▼▼▼

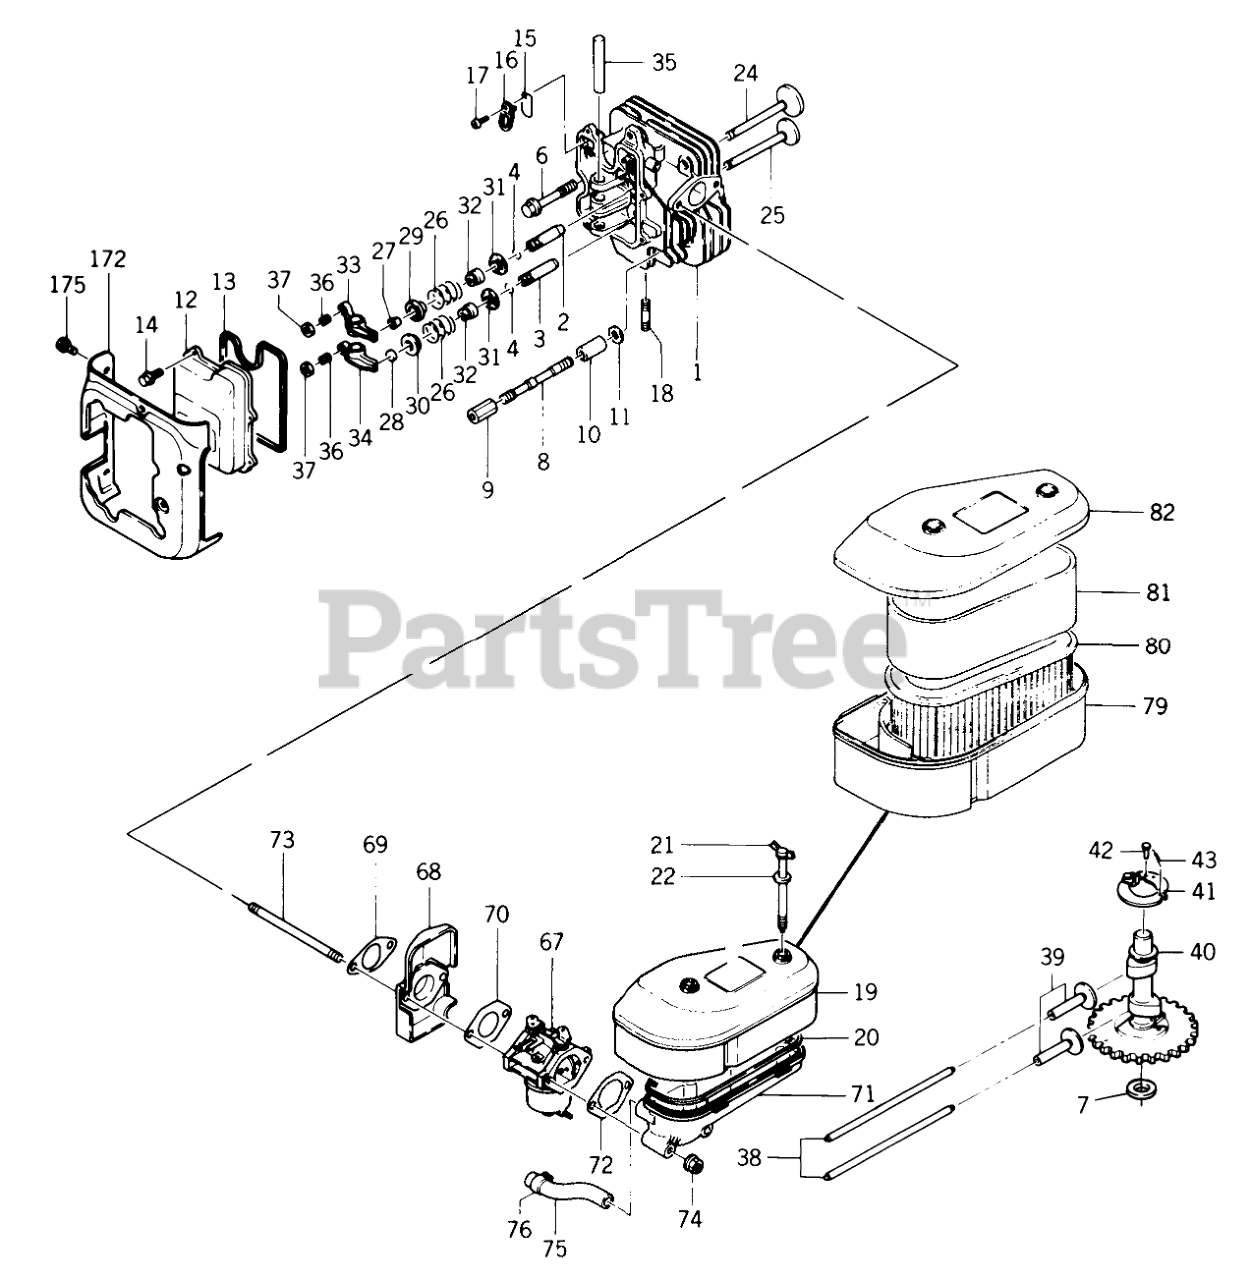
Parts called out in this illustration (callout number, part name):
1	CYLINDER HEAD
2	GUIDE-VALVE(IN)
3	GUIDE-VALVE (EX)
4	RING-SNAP
6	BOLT-HEAD
7	SHIM 1.54
7	SHIM-1.575
7	SHIM-1.61
7	SHIM-1.645
7	SHIM 1.68
7	SHIM-1.715
7	SHIM-1.75
7	SHIM-1.785
7	SHIM-1.82
7	SHIM-1.855
7	SHIM-1.89
10	COLLAR
11	WASHER
12	CASE ROCKER
13	GASKET ROCKER CASE
14	Bolt
15	VALVE
16	PLATE
17	SCREW
19	Air Filter Assembly
20	GASKET AIR FILTER
22	WASHER
24	VALVE INTAKE
25	VALVE EXHAUST
26	Valve Spring
27	COLLET VALVE
28	CAP VALVE
29	RETAINER SPRING
30	RETAINER SPRING
31	SEAT SPRING
32	SEAL-OIL
33	ARM ROCKER
34	ARM ROCKER
35	SHAFT ROCKER
36	SCREW
38	ROD PUSH
39	TAPPET
40	SHAFT-CAM
41	DECOMPRESSOR
43	SPRING
67	Carburetor Assembly See Section 10-5 for complete breakdown
68	INSULATOR
69	GASKET
70	GASKET
71	PIPE INTAKE
72	Gasket
74	NUT
80	ELEMENT AIR FILTER
81	WRAPPER AIR FILTER
82	CAP AIR FILTER
172	SHROUD
175	Bolt 6 x 12
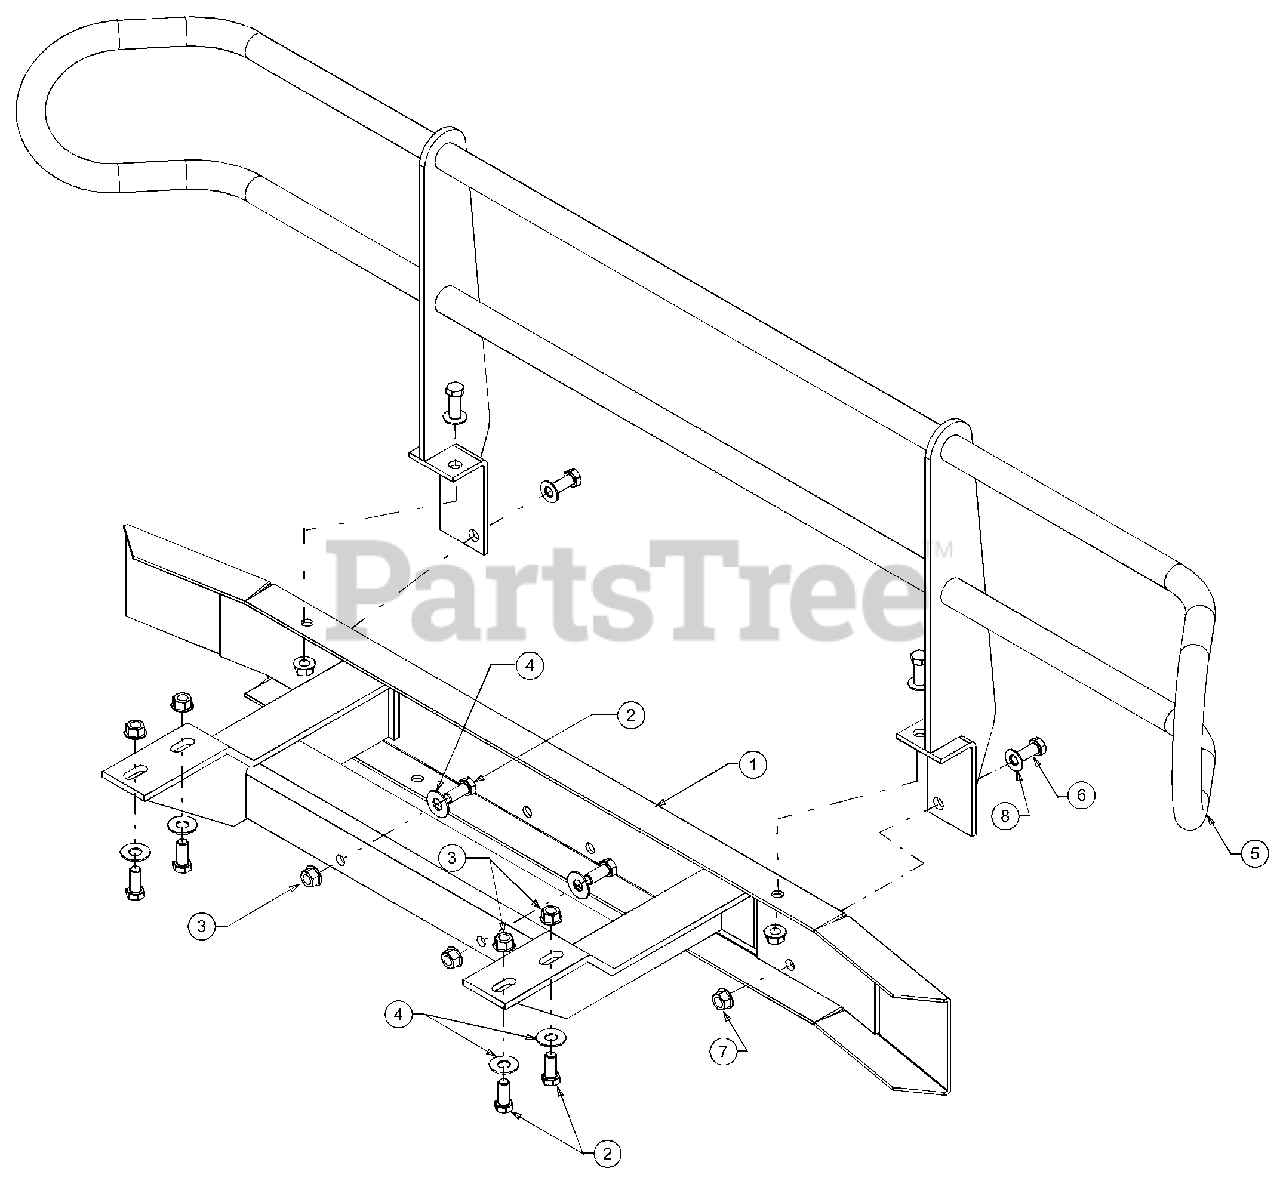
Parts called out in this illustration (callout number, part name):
3	Nut, Flange Lock, 3/8-16
4	Washer, Flat, .444 x 1.0 x .057
5	Guard, Brush
6	Screw, Hex 3/8-16 x 1.00 GR 5
7	Nut, Flangelock 3/8-16
8	Flat Washer,.406 ID x 810 OD x.051
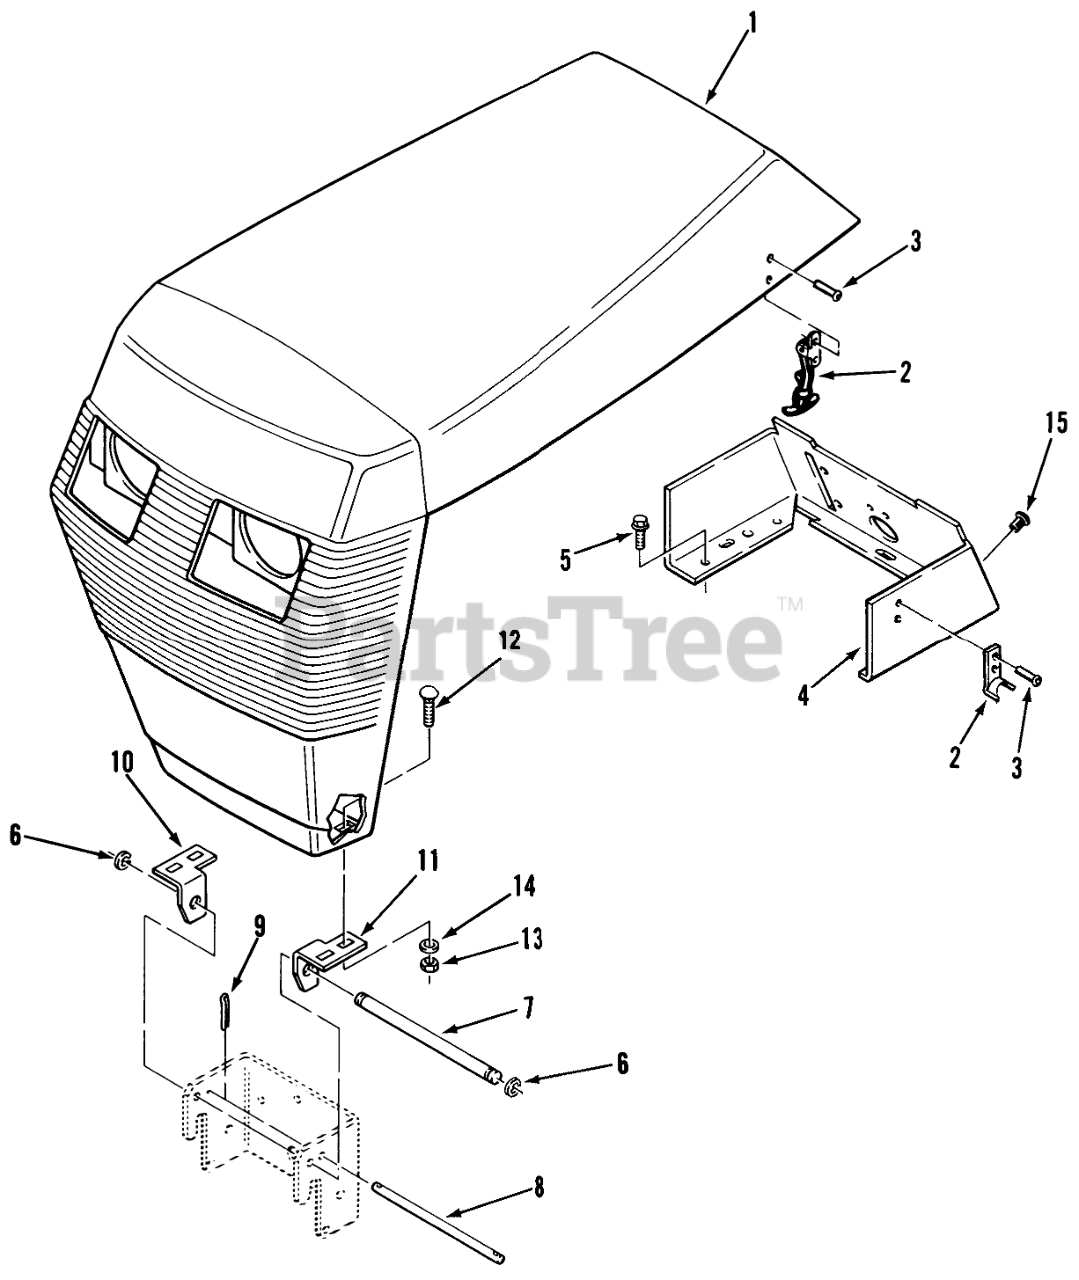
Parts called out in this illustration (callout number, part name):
2	ASSY-FLEX DRAW LATCH
2	ANGL-BLT GURDB
3	RIVET -4
4	Console
5	SCREW
6	RING-RETAINING
7	GRILL PIVOT ROD
8	ROD-HOOD STOP
9	Cotter Pin
10	BRKT-GRILL PIVOT R
11	BRKT-GRILL PIVOT R (NS)
12	Bolt 1/4-20 X 5/8
12	Bolt
14	Nut
15	NYLON PLUG

▲▲▲

— ASSIGNED TASK —
Because pictures are not wanted, give every entry above again exactly without them.

— RESULT FOR THIS TASK —
Parts called out in this illustration (callout number, part name):
1	CYLINDER HEAD
2	GUIDE-VALVE(IN)
3	GUIDE-VALVE (EX)
4	RING-SNAP
6	BOLT-HEAD
7	SHIM 1.54
7	SHIM-1.575
7	SHIM-1.61
7	SHIM-1.645
7	SHIM 1.68
7	SHIM-1.715
7	SHIM-1.75
7	SHIM-1.785
7	SHIM-1.82
7	SHIM-1.855
7	SHIM-1.89
10	COLLAR
11	WASHER
12	CASE ROCKER
13	GASKET ROCKER CASE
14	Bolt
15	VALVE
16	PLATE
17	SCREW
19	Air Filter Assembly
20	GASKET AIR FILTER
22	WASHER
24	VALVE INTAKE
25	VALVE EXHAUST
26	Valve Spring
27	COLLET VALVE
28	CAP VALVE
29	RETAINER SPRING
30	RETAINER SPRING
31	SEAT SPRING
32	SEAL-OIL
33	ARM ROCKER
34	ARM ROCKER
35	SHAFT ROCKER
36	SCREW
38	ROD PUSH
39	TAPPET
40	SHAFT-CAM
41	DECOMPRESSOR
43	SPRING
67	Carburetor Assembly See Section 10-5 for complete breakdown
68	INSULATOR
69	GASKET
70	GASKET
71	PIPE INTAKE
72	Gasket
74	NUT
80	ELEMENT AIR FILTER
81	WRAPPER AIR FILTER
82	CAP AIR FILTER
172	SHROUD
175	Bolt 6 x 12
Parts called out in this illustration (callout number, part name):
3	Nut, Flange Lock, 3/8-16
4	Washer, Flat, .444 x 1.0 x .057
5	Guard, Brush
6	Screw, Hex 3/8-16 x 1.00 GR 5
7	Nut, Flangelock 3/8-16
8	Flat Washer,.406 ID x 810 OD x.051
Parts called out in this illustration (callout number, part name):
2	ASSY-FLEX DRAW LATCH
2	ANGL-BLT GURDB
3	RIVET -4
4	Console
5	SCREW
6	RING-RETAINING
7	GRILL PIVOT ROD
8	ROD-HOOD STOP
9	Cotter Pin
10	BRKT-GRILL PIVOT R
11	BRKT-GRILL PIVOT R (NS)
12	Bolt 1/4-20 X 5/8
12	Bolt
14	Nut
15	NYLON PLUG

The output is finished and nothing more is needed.